Ainsi que l’a annoncé le Président de la République au Caire, la France se propose donc d’organiser à Paris début juin une réunion ministérielle qui rassemblerait notamment les membres du Quartet, les membres permanents du Conseil de sécurité, la Ligue arabe ainsi que d’autres acteurs régionaux et européens. Cette réunion aura trois objectifs :

tout d’abord, je l’ai dit, réaffirmer le soutien de la communauté internationale à la solution des deux Etats et les grands principes de résolution du conflit. Nous nous appuierons sur le rapport que présentera le Quartet et qui fournira l’un des fondements de notre action ;

deuxième objectif : rassembler les engagements concrets que pourra apporter la communauté internationale. Nous mettrons en place à cet effet des groupes de travail pour produire un paquet global d’incitations qui pourrait comprendre notamment un Partenariat spécial européen, la réaffirmation de l’Initiative arabe de paix ainsi que des garanties économiques et de sécurité ;

troisième objectif : définir le calendrier, les objectifs précis et la méthode d’une conférence internationale que nous souhaitons organiser à l’automne. Celle-ci aura pour objectif de poser les bases d’une relance d’un processus de négociation crédible dans un cadre internationalement agréé.

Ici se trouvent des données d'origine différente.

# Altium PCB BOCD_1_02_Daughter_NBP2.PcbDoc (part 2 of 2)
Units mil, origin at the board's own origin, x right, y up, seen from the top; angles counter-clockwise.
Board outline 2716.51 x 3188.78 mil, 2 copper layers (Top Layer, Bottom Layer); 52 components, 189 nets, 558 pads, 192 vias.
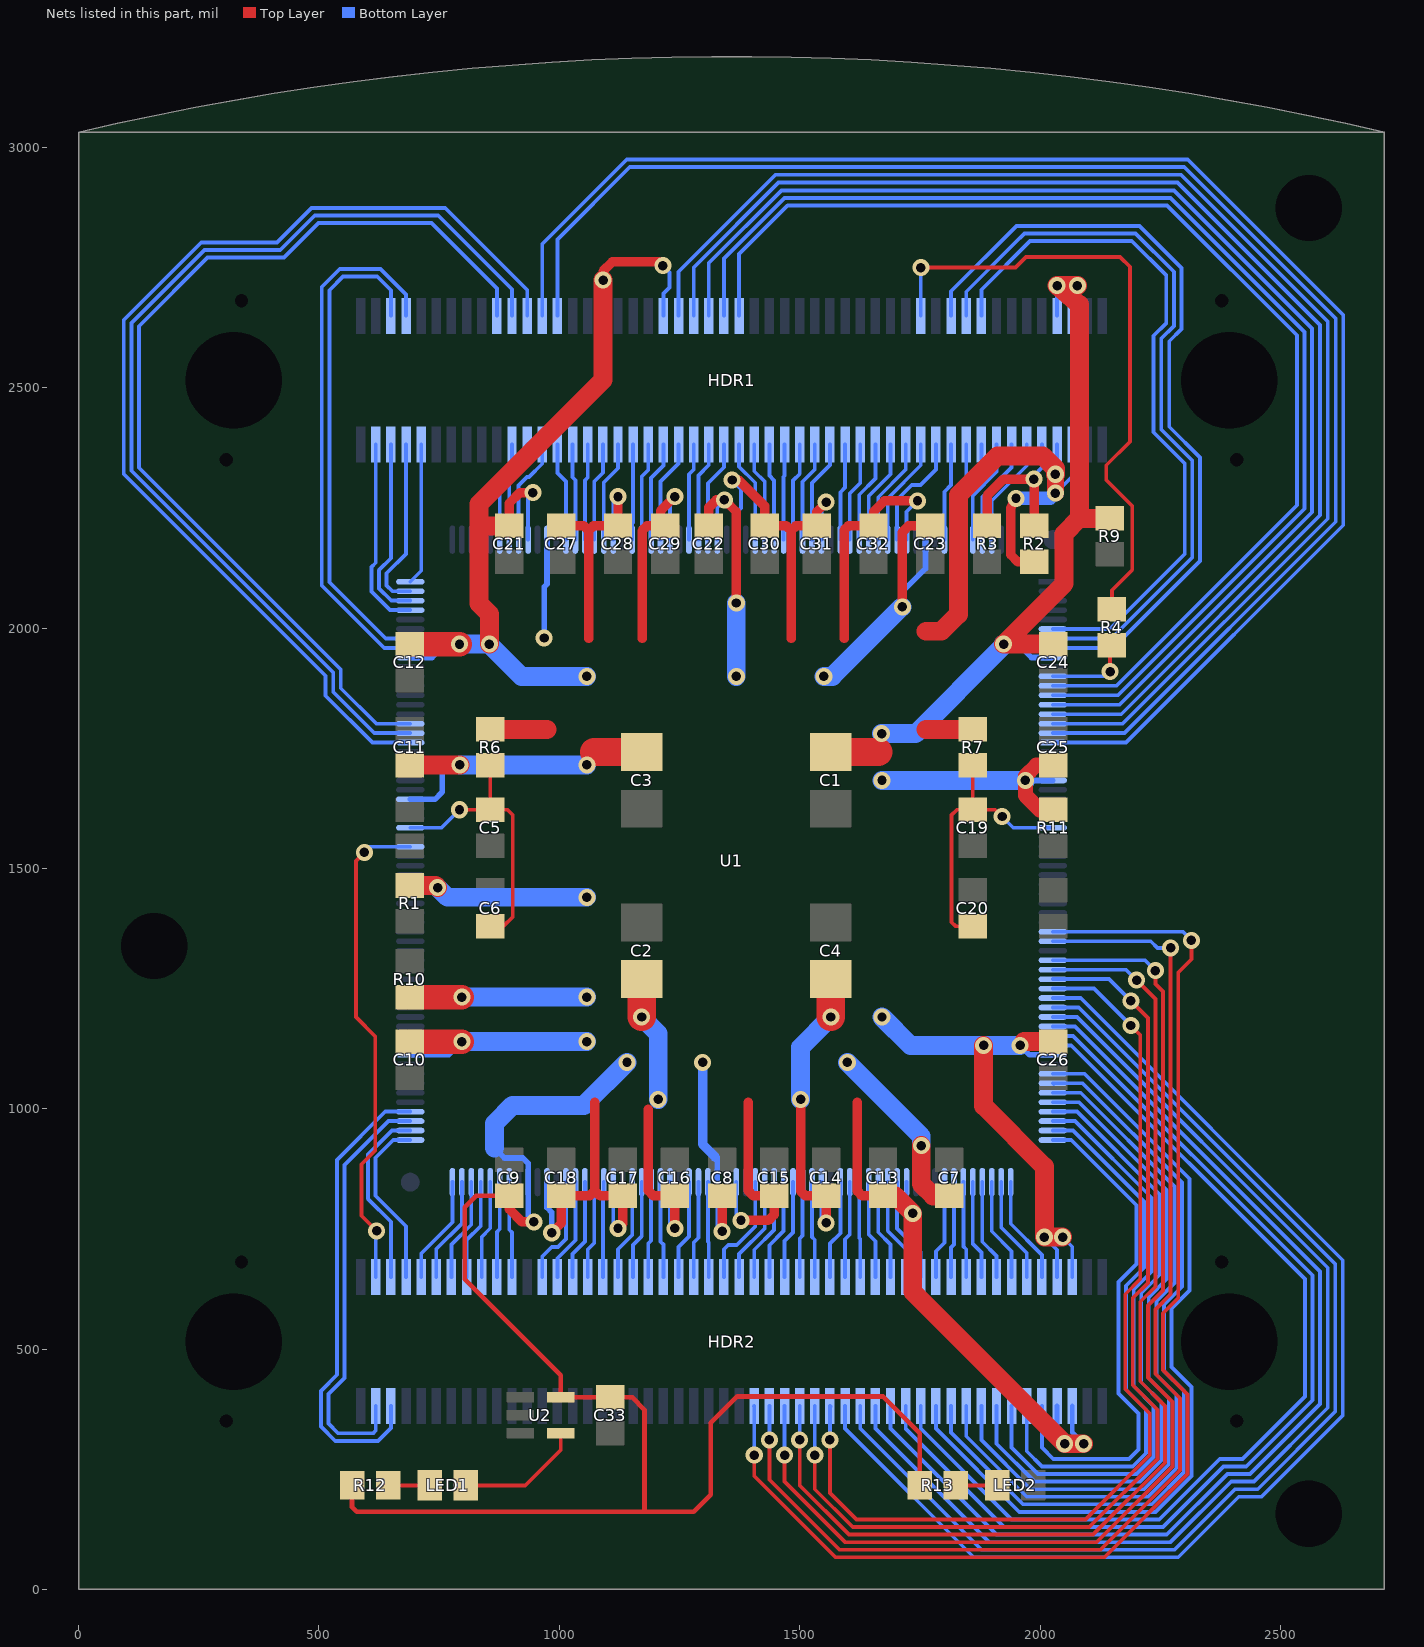
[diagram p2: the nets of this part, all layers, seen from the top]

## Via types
v1: diameter 35.43, hole 19.68, Top Layer to Bottom Layer, 192 vias

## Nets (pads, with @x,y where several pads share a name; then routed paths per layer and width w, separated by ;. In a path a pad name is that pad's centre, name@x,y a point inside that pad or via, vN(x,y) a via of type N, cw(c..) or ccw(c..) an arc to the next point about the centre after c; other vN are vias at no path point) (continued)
IO23: HDR2.53 U1.38 | length 2641.5
  Top Layer w7.87: v1(1405.51,279.53) 1405.51,236.22 1574.8,66.93 2133.86,66.93 2307.09,240.16 2307.09,405.51 2255.91,456.69 2255.91,574.8 2287.4,606.3 2287.4,1283.46 2314.96,1311.02 v1(2314.96,1350.39)
  Bottom Layer w7.87: HDR2.53@1405,381.38 HDR2.53@1405.51,381.89 v1(1405.51,279.53) ; U1.38@2026.57,1368.11 2297.24,1368.11 v1(2314.96,1350.39)
IO24: HDR2.55 U1.39 | length 2508.4
  Top Layer w7.87: v1(1437.01,311.02) 1437.01,228.35 1582.68,82.68 2125.98,82.68 2291.34,248.03 2291.34,397.64 2240.16,448.82 2240.16,582.68 2271.65,614.17 v1(2271.65,1334.65)
  Bottom Layer w7.87: v1(1437.01,311.02) HDR2.55@1437.01,381.89 ; U1.39@2026.57,1348.43 2230.31,1348.43 2244.09,1334.65 v1(2271.65,1334.65)
IO25: HDR2.57 U1.41 | length 2376.8
  Top Layer w7.87: v1(1468.5,279.53) 1468.5,224.41 1594.49,98.43 2118.11,98.43 2275.59,255.91 2275.59,389.76 2224.41,440.94 2224.41,590.55 2255.91,622.05 2255.91,1244.09 2240.16,1259.84 v1(2240.16,1287.4)
  Bottom Layer w7.87: v1(1468.5,279.53) HDR2.57@1468.5,381.89 ; U1.41@2026.57,1309.06 2218.5,1309.06 v1(2240.16,1287.4)
IO26: HDR2.59 U1.42 | length 2267.2
  Top Layer w7.87: v1(1500,311.02) 1500,216.54 1602.36,114.17 2110.24,114.17 2259.84,263.78 2259.84,381.89 2208.66,433.07 2208.66,598.43 2240.16,629.92 2240.16,1228.35 v1(2200.79,1267.72)
  Bottom Layer w7.87: v1(1500,311.02) HDR2.59@1500,381.89 ; U1.42@2026.57,1289.37 2179.13,1289.37 v1(2200.79,1267.72)
IO27: HDR2.61 U1.43 | length 2160
  Top Layer w7.87: v1(1531.5,279.53) 1531.5,208.66 1610.24,129.92 2102.36,129.92 2244.09,271.65 2244.09,374.02 2192.91,425.2 2192.91,606.3 2224.41,637.8 2224.41,1188.98 v1(2188.98,1224.41)
  Bottom Layer w7.87: v1(1531.5,279.53) HDR2.61@1531.5,381.89 ; U1.43@2026.57,1269.69 2143.7,1269.69 v1(2188.98,1224.41)
IO28: HDR2.63 U1.44 | length 2056.4
  Top Layer w7.87: v1(1562.99,311.02) 1562.99,200.79 1618.11,145.67 2094.49,145.67 2228.35,279.53 2228.35,366.14 2177.17,417.32 2177.17,614.17 2208.66,645.67 2208.66,1153.54 v1(2188.98,1173.23)
  Bottom Layer w7.87: v1(1562.99,311.02) HDR2.63@1562.99,381.89 HDR2.63@1563.98,380.91 ; U1.44@2026.57,1250 2112.2,1250 v1(2188.98,1173.23)
IO29: HDR2.65 U1.45 | length 2467.9
  Bottom Layer w7.87: HDR2.65@1594.49,381.89 1594.49,334.65 1862.2,66.93 2287.4,66.93 2413.39,192.91 2460.63,192.91 2629.92,362.2 2629.92,685.04 2084.64,1230.32 U1.45@2026.57,1230.32
IO30: HDR2.67 U1.46 | length 2374.5
  Bottom Layer w7.87: HDR2.67@1625.98,381.89 1625.98,334.65 1877.95,82.68 2279.53,82.68 2405.51,208.66 2452.76,208.66 2614.17,370.08 2614.17,677.17 2080.71,1210.63 U1.46@2026.57,1210.63
IO31: HDR2.69 U1.47 | length 2281.1
  Bottom Layer w7.87: HDR2.69@1657.48,381.89 1657.48,334.65 1893.7,98.43 2271.65,98.43 2397.64,224.41 2444.88,224.41 2598.43,377.95 2598.43,669.29 2076.77,1190.94 U1.47@2026.57,1190.94
IO32: HDR2.71 U1.48 | length 2187.7
  Bottom Layer w7.87: HDR2.71@1688.98,381.89 1688.98,334.65 1909.45,114.17 2263.78,114.17 2389.76,240.16 2437.01,240.16 2582.68,385.83 2582.68,661.42 2072.83,1171.26 U1.48@2026.57,1171.26
IO33: HDR2.73 U1.49 | length 2094.2
  Bottom Layer w7.87: HDR2.73@1720.47,381.89 1720.47,334.64 1925.2,129.92 2255.91,129.92 2381.89,255.91 2429.13,255.91 2566.93,393.7 2566.93,653.54 2068.9,1151.57 U1.49@2026.57,1151.57
IO34: HDR2.75 U1.50 | length 2000.8
  Bottom Layer w7.87: HDR2.75@1751.97,381.89 1751.97,334.65 1940.95,145.67 2248.03,145.67 2374.02,271.65 2421.26,271.65 2551.18,401.57 2551.18,645.67 2064.96,1131.89 U1.50@2026.57,1131.89
IO35: HDR2.77 U1.53 | length 1707.2
  Bottom Layer w7.87: HDR2.77@1783.47,381.89 1783.47,334.65 1956.69,161.42 2240.16,161.42 2314.96,236.22 2314.96,421.26 2273.62,462.6 2273.62,584.65 2311.02,622.05 2311.02,854.33 2092.52,1072.83 U1.53@2026.57,1072.83
JIOA0: HDR1.3 U1.177 | length 406.4
  Bottom Layer w7.87: HDR1.3@618.11,2381.89 618.11,2135.9 609.25,2127.05 609.25,2075.79 647.64,2037.4 U1.177@689.96,2037.4
JIOA1: HDR1.5 U1.178 | length 385.2
  Bottom Layer w7.87: HDR1.5@649.61,2381.89 649.61,2145.13 625,2120.52 625,2082.31 650.22,2057.09 U1.178@689.96,2057.09
JIOA2: HDR1.7 U1.179 | length 364
  Bottom Layer w7.87: HDR1.7@681.1,2381.89 681.1,2154.35 640.75,2114 640.75,2088.83 652.81,2076.77 U1.179@689.96,2076.77
JIOA3: HDR1.9 U1.180 | length 294.8
  Bottom Layer w7.87: U1.180@689.96,2096.46 712.6,2119.09 HDR1.9@712.6,2381.89
JIOB0: HDR1.83 U1.235 | length 213.3
  Bottom Layer w7.87: U1.235@1840.55,2184.06 1840.55,2278.42 1877.95,2315.82 HDR1.83@1877.95,2381.89
JIOB1: HDR1.85 U1.236 | length 218.2
  Bottom Layer w7.87: U1.236@1860.24,2184.06 1860.24,2275.83 1909.45,2325.05 HDR1.85@1909.45,2381.89
JIOB2: HDR1.87 U1.237 | length 223.1
  Bottom Layer w7.87: U1.237@1879.92,2184.06 1879.92,2273.25 1940.95,2334.27 HDR1.87@1940.95,2381.89
JIOB3: HDR1.89 U1.238 | length 228
  Bottom Layer w7.87: U1.238@1899.61,2184.06 1899.61,2264.76 1972.44,2337.6 HDR1.89@1972.44,2381.89
KBCLOCK: HDR1.22 U1.164 | length 2140.4
  Bottom Layer w7.87: U1.164@689.96,1781.5 615.16,1781.5 529.53,1867.13 529.53,1907.34 109.75,2327.12 109.75,2634.61 261.56,2786.42 419.29,2786.42 491.14,2858.27 748.03,2858.27 901.57,2704.72 HDR1.22@901.57,2649.61
KBDATA: HDR1.24 U1.163 | length 2232.5
  Bottom Layer w7.87: U1.163@689.96,1761.81 611.22,1761.81 513.78,1859.25 513.78,1900.82 94,2320.6 94,2641.13 255.04,2802.17 412.77,2802.17 484.62,2874.02 762.8,2874.02 933.07,2703.74 HDR1.24@933.07,2649.61
LCD_BCKL: HDR2.22 U1.114 | length 203.1
  Bottom Layer w7.87: U1.114@897.64,845.47 U1.114@895.67,847.44 895.67,748.28 901.57,742.38 HDR2.22@901.57,649.61
LCD_E: HDR2.26 U1.108 | length 225.7
  Bottom Layer w7.87: HDR2.26@964.57,649.61 964.57,692.91 984.25,712.6 997.05,712.6 1013.78,729.33 U1.108@1013.78,847.44
LED0: HDR2.60 U1.83 | length 200.3
  Bottom Layer w7.87: HDR2.60@1500,649.61 1500,730.32 1505.91,736.22 U1.83@1505.91,847.44
LED1: HDR2.62 U1.82 | length 200.3
  Bottom Layer w7.87: U1.82@1525.59,847.44 1525.59,733.27 1531.5,727.36 HDR2.62@1531.5,649.61
LED2: HDR2.64 U1.79 | length 206.8
  Bottom Layer w7.87: HDR2.64@1562.99,649.61 1562.99,719.49 1584.65,741.14 U1.79@1584.65,847.44
LED3: HDR2.66 U1.78 | length 201.9
  Bottom Layer w7.87: HDR2.66@1594.49,649.61 1594.49,728.71 1604.33,738.56 U1.78@1604.33,847.44
LED4: HDR2.68 U1.77 | length 198.7
  Bottom Layer w7.87: U1.77@1624.02,847.44 1624.02,731.3 1625.98,729.33 HDR2.68@1625.98,649.61
LED5: HDR2.70 U1.76 | length 203.5
  Bottom Layer w7.87: U1.76@1643.7,847.44 1643.7,738.19 1657.48,724.41 HDR2.70@1657.48,649.61
LED6: HDR2.72 U1.75 | length 208.4
  Bottom Layer w7.87: U1.75@1663.39,847.44 1663.39,743.11 1688.98,717.52 HDR2.72@1688.98,649.61
LED7: HDR2.74 U1.74 | length 213.3
  Bottom Layer w7.87: U1.74@1683.07,847.44 1683.07,746.06 1720.47,708.66 HDR2.74@1720.47,649.61
MOUSECLOCK: HDR1.26 U1.18 | length 3251.5
  Bottom Layer w7.87: HDR1.26@964.57,2649.61 964.57,2799.21 1140.1,2974.75 2307.25,2974.75 2630.91,2651.09 2630.91,2213.91 2178.81,1761.81 U1.18@2026.57,1761.81
MOUSEDATA: HDR1.28 U1.17 | length 3164.2
  Bottom Layer w7.87: HDR1.28@996.06,2649.61 996.06,2808.44 1146.63,2959 2300,2959 2615.16,2643.84 2615.16,2221.16 2175.5,1781.5 U1.17@2026.57,1781.5
NetC5_1: C5.1 C6.1 R6.2 U1.154 | length 592.2
  Top Layer w7.87: v1(792.32,1622.05) C5.1@856.3,1622.05 ; C6.1@856.3,1379.92 883.92,1379.92 903,1399 903,1611 891.95,1622.05 C5.1@856.3,1622.05 ; R6.2@856.3,1714.57 C5.1@856.3,1622.05
  Bottom Layer w7.87: U1.154@689.96,1584.65 754.92,1584.65 v1(792.32,1622.05)
NetC19_2: C19.2 C20.2 R7.2 U1.27 | length 593.7
  Top Layer w7.87: C20.2@1860.24,1379.92 1824.08,1379.92 1816,1388 1816,1611 1827.05,1622.05 1906.95,1622.05 v1(1921,1608) ; C19.2@1860.24,1622.05 R7.2@1860.24,1714.57
  Bottom Layer w7.87: v1(1921,1608) 1944.35,1584.65 U1.27@2026.57,1584.65
NetLED1_1: LED1.1 R12.2 | length 86.6
  Top Layer w7.87: R12.2@643.7,216.54 LED1.1@730.32,216.54
NetLED1_2: LED1.2 U2.4 | length 262.9
  Top Layer w7.87: LED1.2@805.12,216.54 929.13,216.54 1002.95,290.35 U2.4@1002.95,324.8
NetLED2_1: LED2.1 R13.2 | length 86.6
  Top Layer w7.87: R13.2@1824.8,216.54 LED2.1@1911.42,216.54
NEXUS_TCK: HDR1.82 U1.7 | length 1557.6
  Bottom Layer w7.87: HDR1.82@1846.46,2649.61 1846.46,2699.8 1947.53,2800.88 1967.52,2820.87 2198.82,2820.87 2278.54,2741.14 2278.54,2628.39 2252,2601.84 2252,2413.73 2316.78,2348.95 2316.78,2146.78 2148.35,1978.35 U1.7@2026.57,1978.35
NEXUS_TDI: HDR1.84 U1.6 | length 1467
  Bottom Layer w7.87: HDR1.84@1877.95,2649.61 1877.95,2703.74 1979.33,2805.12 2190.94,2805.12 2262.8,2733.27 2262.8,2634.91 2236,2608.11 2236,2407.46 2301,2342.46 2301,2154.03 2145,1998.03 U1.6@2026.57,1998.03
NEXUS_TDO: HDR1.76 R4.2 | length 1325.6
  Top Layer w7.87: v1(1751.97,2750) 1949.08,2750 1971.09,2772.01 2166.64,2772.01 2187.01,2751.64 2187.01,2387.8 2137.8,2338.58 2137.8,2308.2 2192,2254 2192,2121.13 2149.61,2078.74 R4.2@2149.61,2039.37
  Bottom Layer w7.87: HDR1.76@1751.97,2649.61 v1(1751.97,2750)
NEXUS_TDO#: R4.1 U1.11 | length 194
  Top Layer w7.87: v1(2145.67,1909.45) R4.1@2145.67,1980.31
  Bottom Layer w7.87: U1.11@2026.57,1899.61 2135.83,1899.61 v1(2145.67,1909.45)
NEXUS_TMS: HDR1.80 U1.8 | length 1650.8
  Bottom Layer w7.87: HDR1.80@1814.96,2649.61 1814.96,2700.79 1950.79,2836.61 2206.69,2836.61 2294.29,2749.02 2294.29,2621.86 2269,2596.57 2269,2419 2333,2355 2333,2139.66 2152,1958.66 U1.8@2026.57,1958.66
RAM0_DATA0: HDR2.42 U1.98 | length 200.3
  Bottom Layer w7.87: U1.98@1210.63,847.44 1210.63,723.43 1216.54,717.52 HDR2.42@1216.54,649.61
RAM0_DATA1: HDR2.40 U1.99 | length 200.3
  Bottom Layer w7.87: HDR2.40@1185.04,649.61 1185.04,719.49 1190.94,725.39 U1.99@1190.94,847.44
RAM0_DATA2: HDR2.38 U1.100 | length 205.2
  Bottom Layer w7.87: HDR2.38@1153.54,649.61 1153.54,716.9 1171.26,734.62 U1.100@1171.26,847.44
RAM0_DATA3: HDR2.36 U1.101 | length 210.1
  Bottom Layer w7.87: HDR2.36@1122.05,649.61 1122.05,707.68 1151.57,737.2 U1.101@1151.57,847.44
RAM0_DATA4: HDR2.34 U1.104 | length 198.7
  Bottom Layer w7.87: HDR2.34@1090.55,649.61 1090.55,810.04 1092.52,812.01 U1.104@1092.52,847.44
RAM0_DATA5: HDR2.32 U1.105 | length 203.5
  Bottom Layer w7.87: HDR2.32@1059.05,649.61 1059.05,707.43 1072.83,721.21 U1.105@1072.83,847.44
RAM0_DATA6: HDR2.30 U1.106 | length 208.4
  Bottom Layer w7.87: HDR2.30@1027.56,649.61 1027.56,698.2 1053.15,723.79 U1.106@1053.15,847.44
RAM0_DATA7: HDR2.28 U1.107 | length 213.3
  Bottom Layer w7.87: HDR2.28@996.06,649.61 996.06,688.98 1033.46,726.38 U1.107@1033.46,847.44
RAM0_OE: HDR1.41 U1.202 | length 208.4
  Bottom Layer w7.87: U1.202@1190.94,2184.06 1190.94,2312.37 1216.54,2337.97 HDR1.41@1216.54,2381.89
RAM0_WE: HDR1.79 U1.233 | length 203.5
  Bottom Layer w7.87: U1.233@1801.18,2184.06 1801.18,2283.59 1814.96,2297.37 HDR1.79@1814.96,2381.89
RAM1_DATA0: HDR1.45 U1.206 | length 201.9
  Bottom Layer w7.87: U1.206@1269.69,2184.06 1269.69,2319.88 1279.53,2329.72 HDR1.45@1279.53,2381.89
RAM1_DATA1: HDR1.49 U1.208 | length 211.7
  Bottom Layer w7.87: U1.208@1309.06,2184.06 1309.06,2301.18 1342.52,2334.65 HDR1.49@1342.52,2381.89
RAM1_DATA2: HDR1.53 U1.214 | length 206.8
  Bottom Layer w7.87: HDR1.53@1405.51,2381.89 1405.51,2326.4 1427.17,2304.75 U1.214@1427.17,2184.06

Depuis l’adoption de la résolution 181 votée par l’Assemblée générale des Nations unies en 1947, la solution à deux Etats a été la boussole collective de notre organisation. La France a conscience de la difficulté de la tâche s’agissant d’un conflit sur lequel tant de bonnes volontés ont échoué. Nous estimons pourtant qu’il est de notre responsabilité collective de ne pas renoncer, de ne jamais renoncer. Notre ambition n’est pas de prétendre pouvoir, seule, réussir là où d’autres ont buté. L’ambition de la France est d’être un trait d’union, de mettre à profit notre expérience et nos liens avec les parties et la région pour faire émerger une démarche consensuelle. C’est cette méthode exigeante qui nous parait la mieux à même d’avancer, d’avancer en terrain solide et de créer les conditions d’une négociation crédible.